Background and hypothesis In November 2022, OpenAI released a chatbot named ChatGPT, a product capable of processing natural language to create human-like conversational dialogue. It has generated a lot of interest, including from the scientific community as well as the medical science community. Recent publications have shown that ChatGPT can correctly answer questions from medical exams such as the United States Medical Licensing Examination (USMLE) and other specialty exams. To date, there have been no studies in which ChatGPT has been tested on specialty questions in the field of nephrology anywhere in the world. Methods Using the ChatGPT-3.5 and 4.0 algorithm in this comparative cross-sectional study, we analyzed 1560 single-answer questions from the national specialty exam in nephrology from 2017 to 2023 that were available in the Polish Medical Examination Center's question database along with answer keys. Results Of the 1556 questions posed to ChatGPT-4.0, correct answers were obtained with an accuracy of 69.84%, compared to ChatGPT-3.5 (45.70%, P = .0001) and to the top results of medical doctors (85.73%, P = .0001). Of the 13 tests, ChatGPT-4.0 exceeded the required ≥60% pass rate in 11 tests passed, and scored higher than the average of the human exam results. Conclusion ChatGPT-3.5 was not spectacularly successful in nephrology exams. The ChatGPT-4.0 algorithm was able to pass most of the analyzed nephrology specialty exams. New generations of ChatGPT achieve similar results to humans. The best results of humans are better than ChatGPT-4.0.

查看原文

微信好友朋友圈 QQ好友复制链接

本刊更多论文

ChatGPT 在医学中的潜力：波兰肾脏病专业考试实例分析

背景与假设 2022 年 11 月，OpenAI 发布了一款名为 ChatGPT 的聊天机器人，这是一款能够处理自然语言以创建类人对话的产品。它引起了包括科学界和医学界在内的广泛关注。最近的出版物显示，ChatGPT 可以正确回答美国医学执业资格考试（USMLE）和其他专业考试等医学考试中的问题。迄今为止，世界上还没有任何研究对 ChatGPT 在肾脏病学领域的专业问题上进行过测试。方法在这项横断面对比研究中，我们使用 ChatGPT-3.5 和 4.0 算法分析了波兰医学考试中心试题库中 2017 年至 2023 年肾脏病学国家专业考试的 1560 道单选题和答案。结果在向 ChatGPT-4.0 提出的 1556 个问题中，正确答案的准确率为 69.84%，与 ChatGPT-3.5 （45.70%，P = .0001）和医生的最高成绩（85.73%，P = .0001）相比，准确率更高。在 13 项测试中，ChatGPT-4.0 有 11 项测试的通过率超过了≥60% 的要求，得分高于人类考试成绩的平均值。结论 ChatGPT-3.5 在肾脏病学考试中并没有取得惊人的成功。ChatGPT-4.0 算法能够通过大部分肾脏病学专业考试。新一代 ChatGPT 取得了与人类相似的结果。人类的最佳结果优于 ChatGPT-4.0。

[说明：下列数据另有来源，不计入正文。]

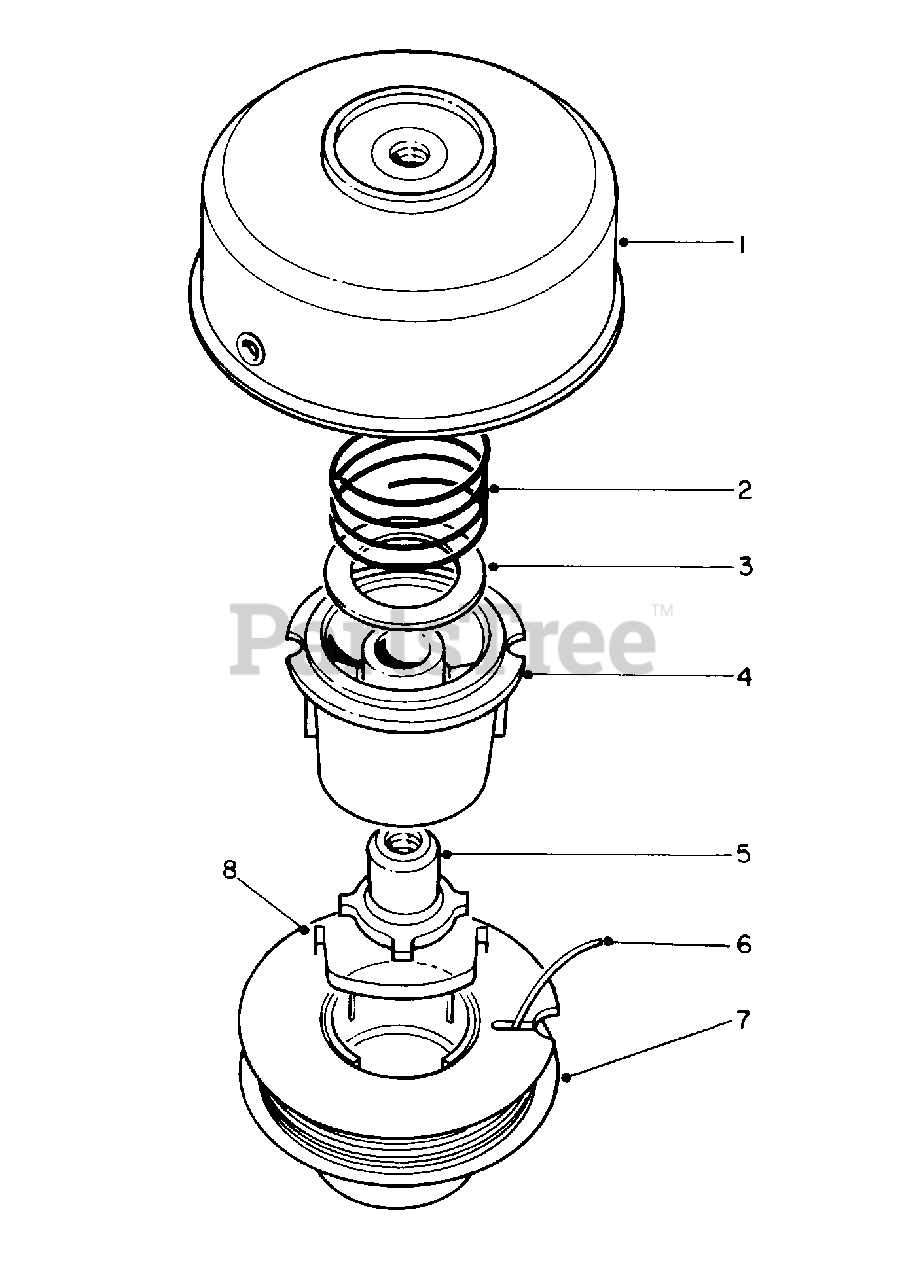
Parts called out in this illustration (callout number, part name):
1	Drum/Eyelet
4	Core-Spool
5	Driver L.H.
6	Line Cutting .095 Dia.
7	Spool Prewound .095 Dia. 30' (Incl. Ref. #8)
8	Saddle-Spool Cap
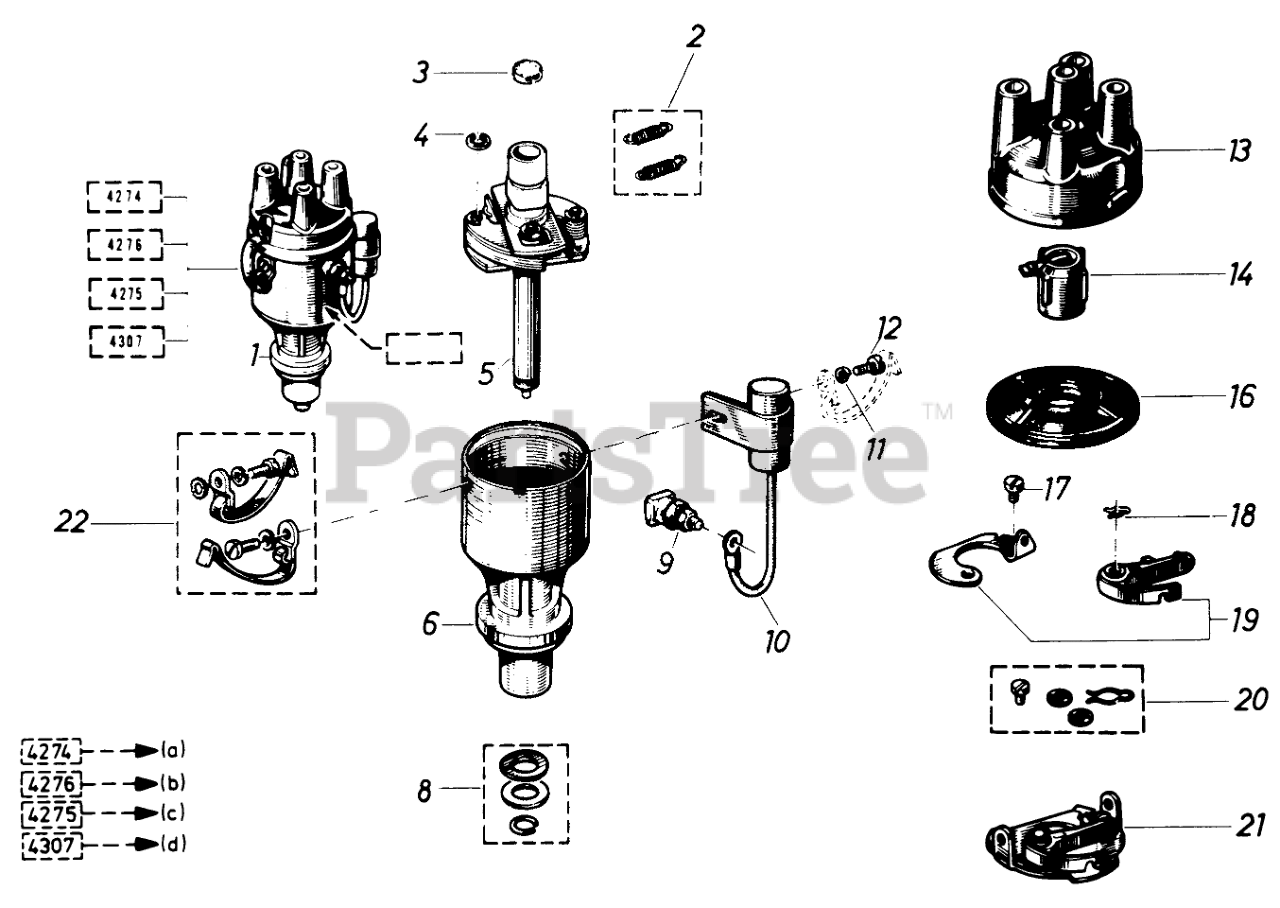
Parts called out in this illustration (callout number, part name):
1	Distributor
2	Spring Set
3	Lubricating Felt
4	Retaining Ring
5	Axle Cam Shaft and Wts.
6	Housing
8	Set of Lock Washers
9	Joining Screw
10	Condenser
11	Lock Washer
12	Screw
13	DISTRIBUTOR CAP
14	DISTRIB CAM ROTOR
16	Protection Disc
17	Screw
18	Spring Clamp
19	CONTACT LEVER POINT
20	Set of Fastening Parts
21	Point Set W/Plate
22	Retaining Spring Assy.
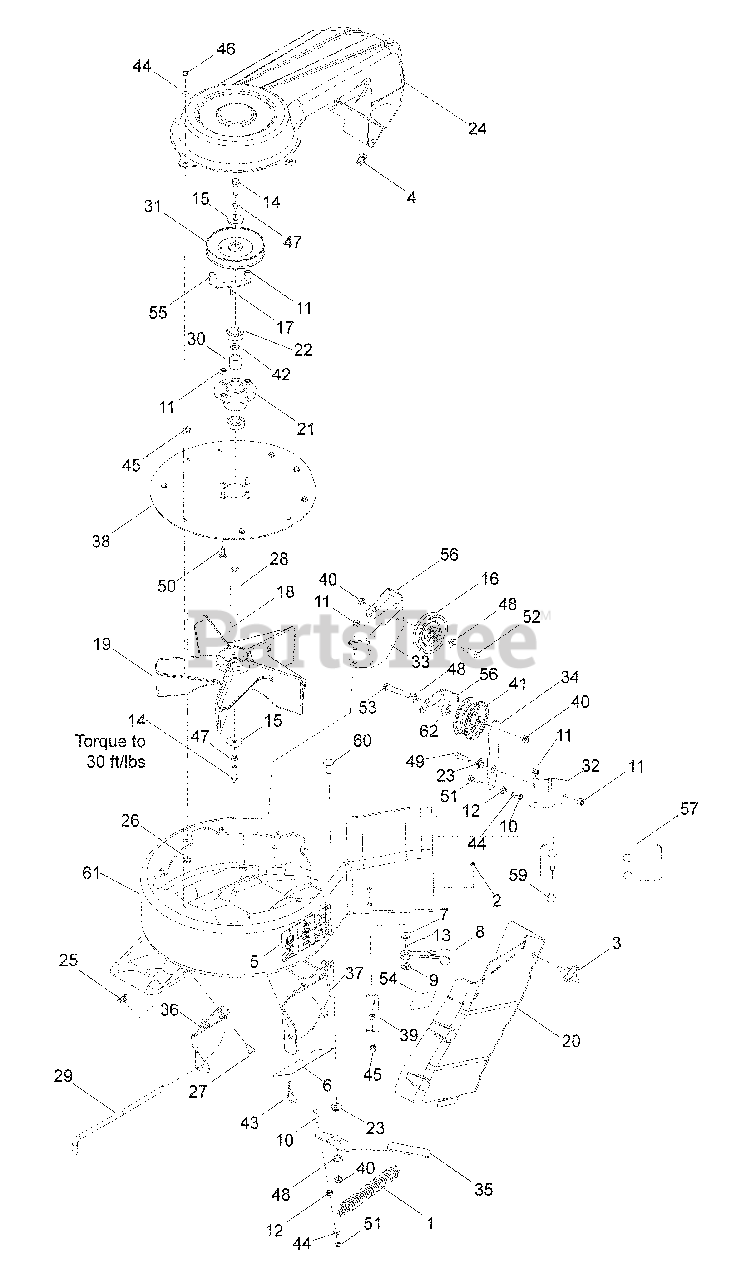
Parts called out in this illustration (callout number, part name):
1	TRACTION SPRING
2	SCREW 10-24 x .625 RD
3	KNOB W/STUD
4	RETAINER U TYPE
5	DECAL, WARNING
6	DECAL, SEVERING
7	WASHER 3/16 x ¾ x 16 GA
8	LATCH, HOOD
9	WELD NUT, PLATED
10	NUT ¼-20 HEX NYLOC
11	NUT 5/16-18 HEX NYLOC
12	NUT ¼-20 HEX FLANGE
13	WASHER 3/16 LOCK
14	BOLT, HEX 3/8-24 x 1¼ GR 8
15	WASHER, HARDENED
17	KEY 3/16 x ½
18	KEY 3/16 x 1½
20	COVER, BELT
21	HUB, BEARING
24	COVER, OUTER PULLEY
25	NUT 5/16-18 TEE
26	NUT ¼-20 TEE
27	HCS 5/16-18 x ½
28	SHAFT, IMPELLER
32	MOUNT, IDLER, UPPER
33	MOUNT, IDLER, LOWER
34	ARM, IDLER
35	ARM, TENSION
36	BRACKET, MOUNT, FRONT
37	BRACKET, MOUNT, REAR
38	PLATE, OUTER
40	NUT 3/8-16 HEX JAM NYLOC
41	PULLEY, IDLER
43	HAIRPIN COTTER, 1/8 x 1¾
44	WASHER ¼ FLAT SAE
45	SCREW ¼ x 3/8 THRD FRM
46	HCS ¼-20 x ½
47	WASHER 3/8 SPLT LOCK
48	WASHER 3/8 SAE FLT
49	HCS 5/16-18 x 1
50	RHSNB 5/16-18 x ¾
51	HCS ¼-20 x 7/8
52	HCS 3/8-16 x 1½
53	WASHER 5/16 STD FLT
54	DECAL, BELT ROUTING
55	KEEPER, BELT, OUTER
56	KEEPER, BELT, REAR
57	PLATE, BACKING
58	PLATE, BACKING
59	RHSNB 5/16-18 x 1
60	RHSNB 3/8-16 x 1
61	HOUSING w/DECALS
62	SPACER, BELT RETAINER

本文章由计算机程序翻译，如有差异，请以英文原文为准。

求助全文

约1分钟内获得全文去求助

来源期刊

Clinical Kidney Journal Medicine-Transplantation

CiteScore

6.70

自引率

10.90%

发文量

242

审稿时长

8 weeks

期刊介绍： About the Journal Clinical Kidney Journal: Clinical and Translational Nephrology (ckj), an official journal of the ERA-EDTA (European Renal Association-European Dialysis and Transplant Association), is a fully open access, online only journal publishing bimonthly. The journal is an essential educational and training resource integrating clinical, translational and educational research into clinical practice. ckj aims to contribute to a translational research culture among nephrologists and kidney pathologists that helps close the gap between basic researchers and practicing clinicians and promote sorely needed innovation in the Nephrology field. All research articles in this journal have undergone peer review.